The Specialists

 

UNIQUELY CHELSEA: An area dedicated to some of the most unique minds of the past century and more, who have been residents of Chelsea and found inspiration in the same ambience and character as the community today.

Chelsea: The home of Ian Fleming and his 007 legacy

A brief history of Ian Fleming, James Bond and Chelsea locations:

As No Time to Die, the 25th film in the James Bond series, is now on worldwide release, the last outing for Daniel Craig as eponymous M16 agent, 007, this film has been lauded as nodding to the inaugural Bond adaptations, which reflected the essence of Ian Fleming's source novels.

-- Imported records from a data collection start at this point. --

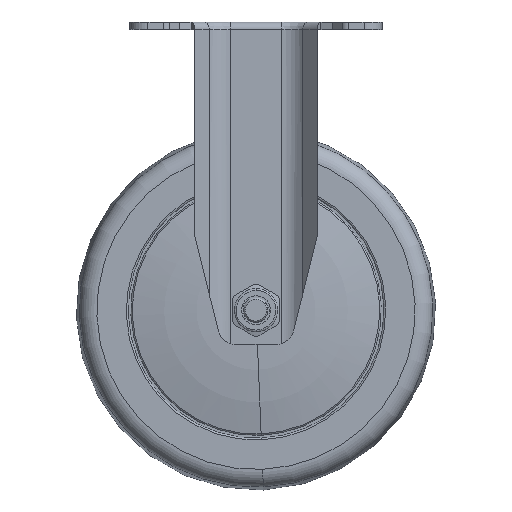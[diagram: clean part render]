
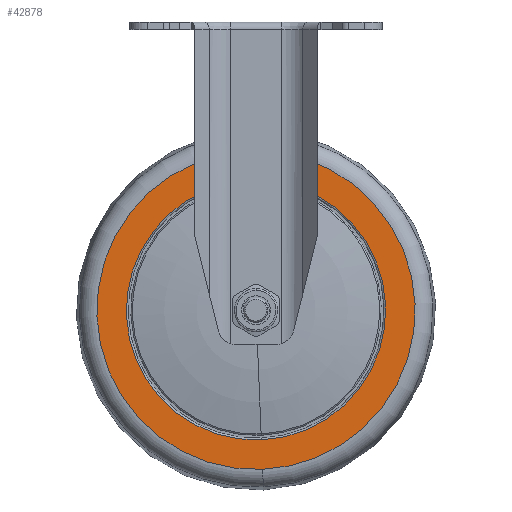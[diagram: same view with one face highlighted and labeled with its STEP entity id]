
A CAD part, top view. The second image highlights one B-rep face of the part: STEP entity #42878.
In plain terms, the highlighted planar face has unit normal (0, 0, 1).
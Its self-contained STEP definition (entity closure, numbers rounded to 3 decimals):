
#1562 = CIRCLE ( 'NONE', #45269, 36. ) ;
#2138 = CARTESIAN_POINT ( 'NONE',  ( 0., 0., 12.5 ) ) ;
#3656 = DIRECTION ( 'NONE',  ( 0., 1., 0. ) ) ;
#6344 = DIRECTION ( 'NONE',  ( 0., 1., 0. ) ) ;
#9110 = DIRECTION ( 'NONE',  ( 0., 1., 0. ) ) ;
#13303 = CIRCLE ( 'NONE', #84576, 44.187 ) ;
#14814 = DIRECTION ( 'NONE',  ( 0., -1., 0. ) ) ;
#16335 = CARTESIAN_POINT ( 'NONE',  ( 0., 44.187, 12.5 ) ) ;
#17069 = FACE_BOUND ( 'NONE', #21741, .T. ) ;
#18557 = EDGE_CURVE ( 'NONE', #65965, #58252, #1562, .T. ) ;
#21741 = EDGE_LOOP ( 'NONE', ( #22333, #74156 ) ) ;
#22333 = ORIENTED_EDGE ( 'NONE', *, *, #64207, .T. ) ;
#22941 = CARTESIAN_POINT ( 'NONE',  ( 0., -36., 12.5 ) ) ;
#23332 = AXIS2_PLACEMENT_3D ( 'NONE', #29207, #82009, #9110 ) ;
#28584 = CARTESIAN_POINT ( 'NONE',  ( 0., 36., 12.5 ) ) ;
#29207 = CARTESIAN_POINT ( 'NONE',  ( 0., 0., 12.5 ) ) ;
#32301 = CIRCLE ( 'NONE', #23332, 44.187 ) ;
#35167 = DIRECTION ( 'NONE',  ( 0., 1., 0. ) ) ;
#42878 = ADVANCED_FACE ( 'NONE', ( #17069, #61264 ), #73663, .T. ) ;
#45269 = AXIS2_PLACEMENT_3D ( 'NONE', #2138, #48108, #35167 ) ;
#46364 = AXIS2_PLACEMENT_3D ( 'NONE', #28584, #61337, #14814 ) ;
#48108 = DIRECTION ( 'NONE',  ( 0., 0., -1. ) ) ;
#49069 = CARTESIAN_POINT ( 'NONE',  ( 0., -44.187, 12.5 ) ) ;
#50173 = DIRECTION ( 'NONE',  ( 0., 0., -1. ) ) ;
#50417 = EDGE_CURVE ( 'NONE', #64611, #64848, #32301, .T. ) ;
#57788 = CIRCLE ( 'NONE', #66843, 36. ) ;
#58252 = VERTEX_POINT ( 'NONE', #73981 ) ;
#59756 = DIRECTION ( 'NONE',  ( 0., 0., -1. ) ) ;
#61264 = FACE_OUTER_BOUND ( 'NONE', #69627, .T. ) ;
#61337 = DIRECTION ( 'NONE',  ( 0., 0., 1. ) ) ;
#63479 = ORIENTED_EDGE ( 'NONE', *, *, #50417, .F. ) ;
#64207 = EDGE_CURVE ( 'NONE', #58252, #65965, #57788, .T. ) ;
#64611 = VERTEX_POINT ( 'NONE', #16335 ) ;
#64848 = VERTEX_POINT ( 'NONE', #49069 ) ;
#65965 = VERTEX_POINT ( 'NONE', #22941 ) ;
#66843 = AXIS2_PLACEMENT_3D ( 'NONE', #75750, #50173, #3656 ) ;
#68275 = ORIENTED_EDGE ( 'NONE', *, *, #83500, .F. ) ;
#69627 = EDGE_LOOP ( 'NONE', ( #63479, #68275 ) ) ;
#73663 = PLANE ( 'NONE',  #46364 ) ;
#73981 = CARTESIAN_POINT ( 'NONE',  ( 0., 36., 12.5 ) ) ;
#74156 = ORIENTED_EDGE ( 'NONE', *, *, #18557, .T. ) ;
#75750 = CARTESIAN_POINT ( 'NONE',  ( 0., 0., 12.5 ) ) ;
#79290 = CARTESIAN_POINT ( 'NONE',  ( 0., 0., 12.5 ) ) ;
#82009 = DIRECTION ( 'NONE',  ( 0., 0., -1. ) ) ;
#83500 = EDGE_CURVE ( 'NONE', #64848, #64611, #13303, .T. ) ;
#84576 = AXIS2_PLACEMENT_3D ( 'NONE', #79290, #59756, #6344 ) ;

Whilst green screens, technology and action have become a foundation of franchise movie making, the leisurely shooting days at Pinewood or location visits from Barry Norman so synonymous with Bond are something of the past. However, whether due to the pandemic driven release delay, the sad passing last year of the original, Sir Sean Connery, or the end of Daniel Craig's tenure, No Time to Die has prompted renewed fascination in the world of famed character creator, Ian Fleming, and the world and areas he inhabited, so often mirrored by his iconic creation, 007.

Ian Fleming - Chelsea:

Ian Fleming was born 28 May 1908 in Westminster.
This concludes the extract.